KServe offers two deployment modes: Serverless and RawDeployment. During the RHOAI installation, we chose RawDeployment, which is often preferred in cases where simpler, more manual configurations are desired. RawDeployment mode provides full control over Kubernetes resources, enabling detailed customization and configuration of deployment settings without relying on Knative, and therefore, without features like auto-scaling.

In this section you will learn how to set up Red Hat OpenShift AI on Single Node OpenShift to make use of the mentioned RawDeployment model serving to expose both, the stress detection and the time to failure models.

Stress detection model

Go back to our Red Hat OpenShift AI Dashboard and make sure you are still inside the ai-edge-project project.
Navigate to the Models tab.
Locate the Single-model serving platform option and choose Select single-model.

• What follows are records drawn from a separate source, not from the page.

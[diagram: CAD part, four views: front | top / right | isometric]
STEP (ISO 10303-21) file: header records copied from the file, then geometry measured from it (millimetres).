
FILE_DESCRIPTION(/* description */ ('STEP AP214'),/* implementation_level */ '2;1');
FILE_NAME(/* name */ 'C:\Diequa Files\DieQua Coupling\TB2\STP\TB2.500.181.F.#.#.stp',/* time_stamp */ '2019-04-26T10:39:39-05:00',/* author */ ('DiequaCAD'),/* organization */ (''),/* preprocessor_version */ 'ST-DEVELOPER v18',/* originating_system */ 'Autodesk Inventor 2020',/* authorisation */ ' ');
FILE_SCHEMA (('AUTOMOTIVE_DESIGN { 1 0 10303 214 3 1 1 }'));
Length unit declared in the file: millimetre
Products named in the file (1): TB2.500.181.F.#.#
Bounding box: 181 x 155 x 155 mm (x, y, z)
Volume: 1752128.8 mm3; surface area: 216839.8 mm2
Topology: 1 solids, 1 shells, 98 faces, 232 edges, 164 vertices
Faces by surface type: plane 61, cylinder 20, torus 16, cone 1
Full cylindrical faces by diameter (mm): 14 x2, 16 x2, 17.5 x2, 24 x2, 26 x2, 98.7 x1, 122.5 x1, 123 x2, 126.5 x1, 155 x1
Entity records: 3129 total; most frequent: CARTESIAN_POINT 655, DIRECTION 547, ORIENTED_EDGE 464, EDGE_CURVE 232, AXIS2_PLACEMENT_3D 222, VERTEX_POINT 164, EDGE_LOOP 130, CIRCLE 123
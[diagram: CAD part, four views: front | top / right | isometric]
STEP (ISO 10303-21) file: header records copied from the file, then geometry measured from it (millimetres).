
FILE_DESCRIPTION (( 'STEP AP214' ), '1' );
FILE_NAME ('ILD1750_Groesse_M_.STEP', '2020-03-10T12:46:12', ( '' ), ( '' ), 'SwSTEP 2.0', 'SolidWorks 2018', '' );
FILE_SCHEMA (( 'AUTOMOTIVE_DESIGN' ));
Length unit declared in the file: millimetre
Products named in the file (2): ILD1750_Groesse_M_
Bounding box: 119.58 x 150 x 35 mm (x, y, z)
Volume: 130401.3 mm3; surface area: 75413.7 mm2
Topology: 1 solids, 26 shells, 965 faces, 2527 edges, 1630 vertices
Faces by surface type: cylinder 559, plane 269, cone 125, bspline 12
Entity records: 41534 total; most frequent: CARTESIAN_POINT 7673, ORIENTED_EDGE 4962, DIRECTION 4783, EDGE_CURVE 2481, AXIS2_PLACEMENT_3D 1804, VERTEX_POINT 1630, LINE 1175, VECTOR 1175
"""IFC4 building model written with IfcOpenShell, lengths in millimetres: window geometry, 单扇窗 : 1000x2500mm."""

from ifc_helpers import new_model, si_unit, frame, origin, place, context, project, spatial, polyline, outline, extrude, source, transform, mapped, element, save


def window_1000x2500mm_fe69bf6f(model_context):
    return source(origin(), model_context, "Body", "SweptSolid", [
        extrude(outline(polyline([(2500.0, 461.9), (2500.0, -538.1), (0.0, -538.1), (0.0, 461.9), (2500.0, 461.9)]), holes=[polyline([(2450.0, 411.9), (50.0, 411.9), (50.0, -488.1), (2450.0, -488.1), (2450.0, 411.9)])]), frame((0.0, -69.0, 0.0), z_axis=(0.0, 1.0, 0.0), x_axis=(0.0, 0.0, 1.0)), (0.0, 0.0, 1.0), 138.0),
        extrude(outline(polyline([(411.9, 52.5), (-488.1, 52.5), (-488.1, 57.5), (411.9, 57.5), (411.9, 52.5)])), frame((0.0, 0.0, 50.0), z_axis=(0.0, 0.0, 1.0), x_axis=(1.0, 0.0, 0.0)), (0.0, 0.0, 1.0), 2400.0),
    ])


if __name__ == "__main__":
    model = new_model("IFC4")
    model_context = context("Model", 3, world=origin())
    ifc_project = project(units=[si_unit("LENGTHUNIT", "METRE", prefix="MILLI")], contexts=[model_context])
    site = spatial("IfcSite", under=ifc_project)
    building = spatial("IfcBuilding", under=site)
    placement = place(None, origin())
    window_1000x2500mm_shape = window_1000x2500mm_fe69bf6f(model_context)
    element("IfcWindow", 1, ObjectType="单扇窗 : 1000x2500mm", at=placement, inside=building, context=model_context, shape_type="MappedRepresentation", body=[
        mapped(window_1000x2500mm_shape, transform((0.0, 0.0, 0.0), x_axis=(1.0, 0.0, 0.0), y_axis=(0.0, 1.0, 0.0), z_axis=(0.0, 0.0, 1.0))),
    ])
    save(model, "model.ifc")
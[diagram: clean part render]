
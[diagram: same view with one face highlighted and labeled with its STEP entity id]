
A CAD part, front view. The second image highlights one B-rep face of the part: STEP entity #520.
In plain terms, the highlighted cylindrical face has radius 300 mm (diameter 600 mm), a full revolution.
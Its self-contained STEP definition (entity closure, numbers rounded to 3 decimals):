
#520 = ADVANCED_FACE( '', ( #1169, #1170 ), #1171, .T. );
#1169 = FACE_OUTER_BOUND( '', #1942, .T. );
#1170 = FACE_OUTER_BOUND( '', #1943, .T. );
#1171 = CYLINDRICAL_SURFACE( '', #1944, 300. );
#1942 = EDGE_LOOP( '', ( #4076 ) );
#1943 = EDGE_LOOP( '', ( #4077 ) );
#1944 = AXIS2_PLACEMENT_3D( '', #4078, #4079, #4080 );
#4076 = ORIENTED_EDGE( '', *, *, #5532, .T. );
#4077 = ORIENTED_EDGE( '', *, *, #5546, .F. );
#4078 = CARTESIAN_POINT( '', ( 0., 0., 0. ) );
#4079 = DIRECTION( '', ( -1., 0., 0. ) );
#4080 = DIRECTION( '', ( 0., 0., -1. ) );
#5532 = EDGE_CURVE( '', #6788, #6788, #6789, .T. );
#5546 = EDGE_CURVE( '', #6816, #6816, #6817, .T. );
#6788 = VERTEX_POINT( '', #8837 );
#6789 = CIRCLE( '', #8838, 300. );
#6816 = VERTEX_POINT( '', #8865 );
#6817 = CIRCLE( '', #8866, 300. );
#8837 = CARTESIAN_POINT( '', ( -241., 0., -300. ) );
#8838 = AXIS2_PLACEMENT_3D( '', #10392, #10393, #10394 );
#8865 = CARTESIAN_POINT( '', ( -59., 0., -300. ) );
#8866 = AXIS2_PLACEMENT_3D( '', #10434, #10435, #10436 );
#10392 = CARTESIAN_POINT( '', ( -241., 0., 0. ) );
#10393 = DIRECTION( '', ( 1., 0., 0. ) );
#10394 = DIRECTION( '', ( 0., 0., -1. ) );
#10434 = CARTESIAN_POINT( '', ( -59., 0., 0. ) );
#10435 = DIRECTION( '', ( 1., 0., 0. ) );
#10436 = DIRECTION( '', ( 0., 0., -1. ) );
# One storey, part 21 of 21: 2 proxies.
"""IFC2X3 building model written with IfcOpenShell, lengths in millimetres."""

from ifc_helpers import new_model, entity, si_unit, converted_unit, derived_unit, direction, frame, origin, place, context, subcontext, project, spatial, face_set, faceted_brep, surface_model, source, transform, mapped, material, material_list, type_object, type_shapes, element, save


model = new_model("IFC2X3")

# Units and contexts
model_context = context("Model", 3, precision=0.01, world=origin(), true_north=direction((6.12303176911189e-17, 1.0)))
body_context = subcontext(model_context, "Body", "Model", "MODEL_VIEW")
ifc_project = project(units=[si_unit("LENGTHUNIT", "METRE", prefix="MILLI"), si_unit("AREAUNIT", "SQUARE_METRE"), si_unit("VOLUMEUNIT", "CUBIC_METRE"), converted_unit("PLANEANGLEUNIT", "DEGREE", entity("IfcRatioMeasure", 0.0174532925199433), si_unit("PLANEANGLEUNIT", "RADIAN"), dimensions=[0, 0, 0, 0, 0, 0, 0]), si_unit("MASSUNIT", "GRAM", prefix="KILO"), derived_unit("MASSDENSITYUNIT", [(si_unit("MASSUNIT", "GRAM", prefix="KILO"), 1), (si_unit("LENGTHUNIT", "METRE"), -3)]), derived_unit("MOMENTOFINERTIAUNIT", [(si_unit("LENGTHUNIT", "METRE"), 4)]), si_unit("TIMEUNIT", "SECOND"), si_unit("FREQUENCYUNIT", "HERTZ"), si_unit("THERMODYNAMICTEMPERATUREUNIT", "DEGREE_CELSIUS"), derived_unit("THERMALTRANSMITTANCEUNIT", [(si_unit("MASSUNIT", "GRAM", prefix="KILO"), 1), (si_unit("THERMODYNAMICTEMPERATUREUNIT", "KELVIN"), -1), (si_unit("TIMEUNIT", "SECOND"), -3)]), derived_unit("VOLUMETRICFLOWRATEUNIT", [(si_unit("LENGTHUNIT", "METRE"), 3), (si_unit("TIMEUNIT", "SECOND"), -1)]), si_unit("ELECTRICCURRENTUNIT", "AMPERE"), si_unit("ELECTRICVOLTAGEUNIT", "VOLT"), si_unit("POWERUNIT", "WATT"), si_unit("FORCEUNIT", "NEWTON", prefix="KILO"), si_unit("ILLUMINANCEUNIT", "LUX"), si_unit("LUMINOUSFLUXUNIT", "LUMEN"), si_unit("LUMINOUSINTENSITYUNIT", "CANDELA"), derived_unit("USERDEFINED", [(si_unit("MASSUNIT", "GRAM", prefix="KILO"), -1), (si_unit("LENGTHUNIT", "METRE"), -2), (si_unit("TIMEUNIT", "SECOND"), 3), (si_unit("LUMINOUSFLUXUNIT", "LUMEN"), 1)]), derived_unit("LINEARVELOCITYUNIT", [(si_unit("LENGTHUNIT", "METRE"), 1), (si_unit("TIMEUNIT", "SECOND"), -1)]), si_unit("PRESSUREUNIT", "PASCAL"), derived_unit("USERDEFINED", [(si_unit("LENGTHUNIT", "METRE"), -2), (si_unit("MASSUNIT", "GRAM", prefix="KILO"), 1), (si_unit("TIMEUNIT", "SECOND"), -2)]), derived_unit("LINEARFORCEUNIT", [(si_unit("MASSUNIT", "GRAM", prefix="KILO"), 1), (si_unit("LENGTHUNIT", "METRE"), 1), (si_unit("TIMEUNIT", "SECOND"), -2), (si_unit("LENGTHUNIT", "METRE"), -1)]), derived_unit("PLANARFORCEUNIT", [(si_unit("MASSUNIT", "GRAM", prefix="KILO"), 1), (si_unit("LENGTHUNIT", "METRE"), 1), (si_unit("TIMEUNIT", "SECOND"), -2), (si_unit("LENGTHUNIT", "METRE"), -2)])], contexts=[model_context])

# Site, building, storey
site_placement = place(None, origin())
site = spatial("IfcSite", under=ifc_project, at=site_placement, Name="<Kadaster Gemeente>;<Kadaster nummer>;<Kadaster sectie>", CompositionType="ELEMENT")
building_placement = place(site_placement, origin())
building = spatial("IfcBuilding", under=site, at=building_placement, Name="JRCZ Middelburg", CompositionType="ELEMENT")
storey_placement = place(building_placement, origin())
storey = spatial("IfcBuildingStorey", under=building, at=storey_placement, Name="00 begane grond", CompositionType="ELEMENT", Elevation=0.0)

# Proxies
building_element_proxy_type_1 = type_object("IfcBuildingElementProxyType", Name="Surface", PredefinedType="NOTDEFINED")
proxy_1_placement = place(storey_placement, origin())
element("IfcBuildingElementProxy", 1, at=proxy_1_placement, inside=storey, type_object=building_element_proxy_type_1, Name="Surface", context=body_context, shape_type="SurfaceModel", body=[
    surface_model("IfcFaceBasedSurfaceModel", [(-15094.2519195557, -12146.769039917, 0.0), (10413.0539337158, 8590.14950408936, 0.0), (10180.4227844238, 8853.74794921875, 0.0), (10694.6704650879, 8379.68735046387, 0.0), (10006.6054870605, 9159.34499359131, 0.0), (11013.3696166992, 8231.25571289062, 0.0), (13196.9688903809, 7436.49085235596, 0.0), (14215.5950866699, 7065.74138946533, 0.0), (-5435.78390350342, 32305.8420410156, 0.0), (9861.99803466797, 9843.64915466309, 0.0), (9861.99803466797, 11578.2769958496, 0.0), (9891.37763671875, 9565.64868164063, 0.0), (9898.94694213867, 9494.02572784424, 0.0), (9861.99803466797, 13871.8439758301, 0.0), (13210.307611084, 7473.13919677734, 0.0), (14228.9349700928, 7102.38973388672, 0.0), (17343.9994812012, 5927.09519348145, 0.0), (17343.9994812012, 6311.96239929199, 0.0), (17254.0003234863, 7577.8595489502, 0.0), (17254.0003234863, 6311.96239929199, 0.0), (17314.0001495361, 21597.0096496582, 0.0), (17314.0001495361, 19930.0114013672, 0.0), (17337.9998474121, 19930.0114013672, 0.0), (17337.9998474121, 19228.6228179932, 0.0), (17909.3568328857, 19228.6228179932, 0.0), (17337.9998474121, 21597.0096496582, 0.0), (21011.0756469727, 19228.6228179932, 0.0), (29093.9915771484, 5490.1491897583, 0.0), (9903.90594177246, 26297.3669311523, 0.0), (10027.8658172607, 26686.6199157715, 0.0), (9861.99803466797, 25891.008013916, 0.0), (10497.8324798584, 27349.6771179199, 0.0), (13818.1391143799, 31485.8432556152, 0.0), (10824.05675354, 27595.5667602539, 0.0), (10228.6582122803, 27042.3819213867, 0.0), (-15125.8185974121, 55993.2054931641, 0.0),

This options deploys an associated model server for each model. Click on Deploy model.
Complete the following fields in the form:
- Project: The ai-edge-project namespace should be already selected by default.
- Model deployment name: Type the name for the model server. I will use Stress Detection.
- Serving runtime: There are different runtimes to choose. I will use the OpenVINO Model Server; optimized for Intel architectures.
- Model framework: Select the format in which the model was saved. Our model was saved in openvino_ir - opset13 format.
- Model server replicas: Choose the number of pods to serve the model. Just 1 should be okay in our case.
- Model server size: Assign resources to the server. Our model is quite simple, so Small will be enough.
- Check the Existing data connection box, if it is not already selected.
- Connection: Here the s3-storage DataConnection should appear. Select it.
- Path: Indicate the path to your model location in the S3 bucket. That’s: models/stress-detection/. We didn’t specify the full path to the model because KServe will automatically pull it from the /1/ subdirectory in the path specified.
When configured, click on Deploy.

At that moment, new ServingRuntime and InferenceService resources will be created in your node. In the Models tab, your new Model Service should appear. Wait until you see a green checkmark in the Status column. Also, check the Internal endpoint details to show the model inference API where to make requests to.

The URL shown in the Inference endpoint field for the deployed model is not complete. To send queries to the model, you must add the /v2/models/<model_name>/infer string to the end of the URL. More information can be found in the RHOAIENG-3018 documentation.

As a result, the model is available as a service and can be accessed using API requests.